Patricia v. Up-scale
Issue
Will Building Trust and/or Patricia Passerby be able to recover from Jerome Fenimore personally?
Rule of Law
Accidents in a construction site are examined under the “negligence” cause of action. For the construction accident case to be categorized as one involving negligence, the plaintiff ought to verify some facts. First, he or she must determine if the defendant owed the public or plaintiff in question a duty of care (Beale 50). Secondly, the plaintiff has to prove that the defendant (in this case, Fenimore) breached the duty of care by way of being negligent. Lastly, it has to be proved that the negligence of the defendant was a significant aspect leading to injury or death. Once the plaintiff is able to demonstrate that the defendant neglected this responsibility of preventing harm and injury in a construction site, the defendant would be held accountable for the damages of the plaintiff. There is also a rule of law that relates to premise liability involving also Up-Scale Corporation. As the property owner, they are held accountable for any accident witnessed on the building being constructed. The property owner owes a duty of care to people to ensure that the property is secure from risky situations.
Analysis
The legal duty of care assigned to the defendant is one that emerges independently of contractual responsibility, and expressly, in the absence of a contract. Therefore, the major task in the case in question is to establish a scenario where a duty of care emerged. A reasonable level of care must be shown by the developer, contractor, and all those involved in the process. In Andrews et al. v. Grand and Toy (Alberta) Ltd. et al. (1978), Grand and Toy Alberta Ltd. were held partially accountable for the traffic accident that rendered the plaintiff a quadriplegic (Beale 52). Even though the plaintiff was responsible for himself, Grand and Toy Alberta Ltd. had not demonstrated due care for the safety of the residents and employees. A person who is injured through foreseeable ways is addressed in this duty of care that is catered for by the hired individuals for the construction project. Based on the rule of the contract of this nature, the general contractor and developer will be accountable for any negligence from the subcontractor (Beale 50). The rental arrangement between Fenimore and Up-Scale, Inc. also does not follow corporate procedures but the relationship was stamped by the company’s Board of Directors. Fenimore can find a defense only on the grounds of the unfollowed corporate procedures but may be liable if he agreed to the Board of Directors’ terms of him taking responsibility.

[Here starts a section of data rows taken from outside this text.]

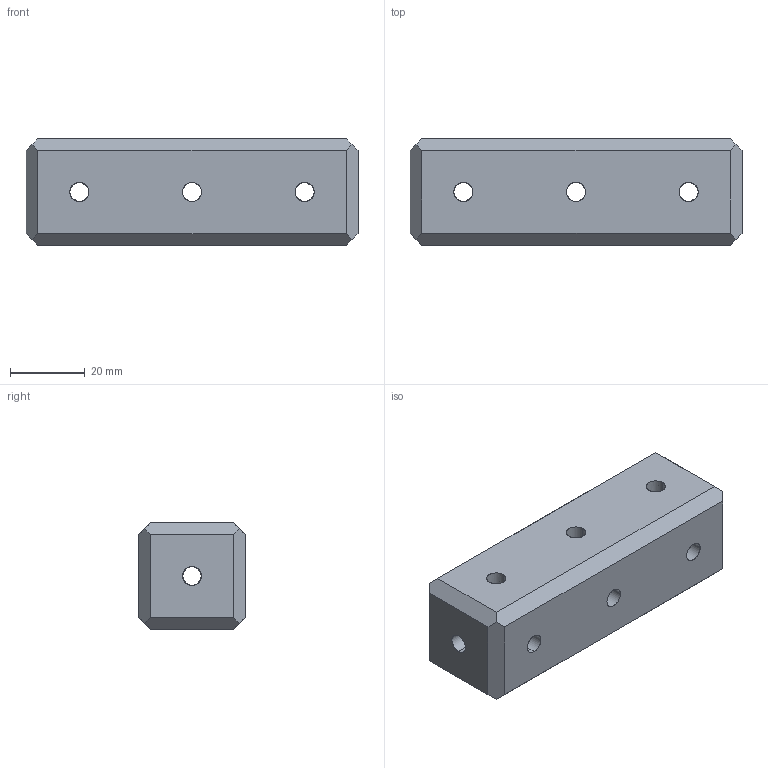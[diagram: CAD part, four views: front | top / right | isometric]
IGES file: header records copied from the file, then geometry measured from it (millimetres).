
Start section: SolidWorks IGES file using analytic representation for surfaces
Global section: file name: \\SERVER3\Design\_New Design Drive Folder List\_Design Vault\AAI\Modular Round Tube Connectors\Solidworks Models\STP Files\12202013\1.000 Inch Modular Connectors\DRP-002-0549-00.IGS; native system: SolidWorks 2013; preprocessor: SolidWorks 2013; author: tbraun; date: 131220.123027; units: inch
Bounding box: 88.9 x 28.57 x 28.57 mm (x, y, z)
Surface area: 13918.8 mm2 (no closed solid volume)
Topology: 0 solids, 0 shells, 50 faces, 1212 edges, 1212 vertices
Faces by surface type: revolution 32, bspline 18
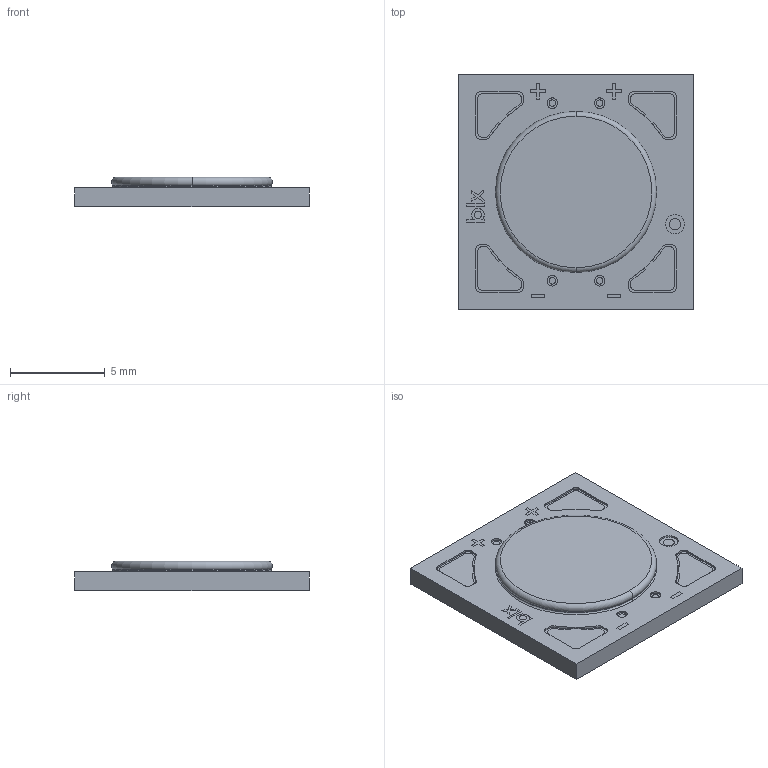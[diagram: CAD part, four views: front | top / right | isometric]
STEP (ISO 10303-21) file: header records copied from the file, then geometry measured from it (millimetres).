
FILE_DESCRIPTION (( 'STEP AP214' ), '1' );
FILE_NAME ('DW6 GEN3 Assemble.STEP', '2025-02-25T05:16:22', ( '' ), ( '' ), 'SwSTEP 2.0', 'SolidWorks 2018', '' );
FILE_SCHEMA (( 'AUTOMOTIVE_DESIGN' ));
Length unit declared in the file: millimetre
Products named in the file (1): DW6 GEN3 Assemble
Bounding box: 12.4 x 12.4 x 1.55 mm (x, y, z)
Volume: 182.5 mm3; surface area: 375 mm2
Topology: 1 solids, 1 shells, 213 faces, 560 edges, 372 vertices
Faces by surface type: plane 127, cylinder 72, bspline 8, torus 6
Entity records: 9165 total; most frequent: CARTESIAN_POINT 1402, DIRECTION 1122, ORIENTED_EDGE 1120, EDGE_CURVE 560, LINE 378, VECTOR 378, AXIS2_PLACEMENT_3D 372, VERTEX_POINT 372

Under the legal model of vicarious liability and respondent superior, the corporation will be held accountable for the injuries within the sites and in the course of the construction. On the other hand, a corporation is able to shield the shareholders from business-related liabilities. If a construction company is a corporation, unless in very minor cases, the shareholders will always be treated independently for any eventualities. It also implies that the owners of the company or shareholders may not be sued personally for any business’s wrongful acts. Up-Scale, Inc. had the duty of care during the construction process for any residents and passersby around the site in itself. Jerome Fenimore cannot be held accountable personally either by Building Trust for its losses or Patricia Passerby for her injuries. It is Up-Scale as a corporation that ought to have ensured that they employ safety measures around the construction site so that no one is exposed to injuries.
Conclusion
Up-Scale, Inc. and not Jerome Fenimore is liable for the injury of Patricia Passerby. The corporation is also held responsible to repay Building Trust that lent them money.
Work Cited
Beale, Hugh, et al. “Cases, Materials and Text on Contract Law.” Bloomsbury Publishing, 2019.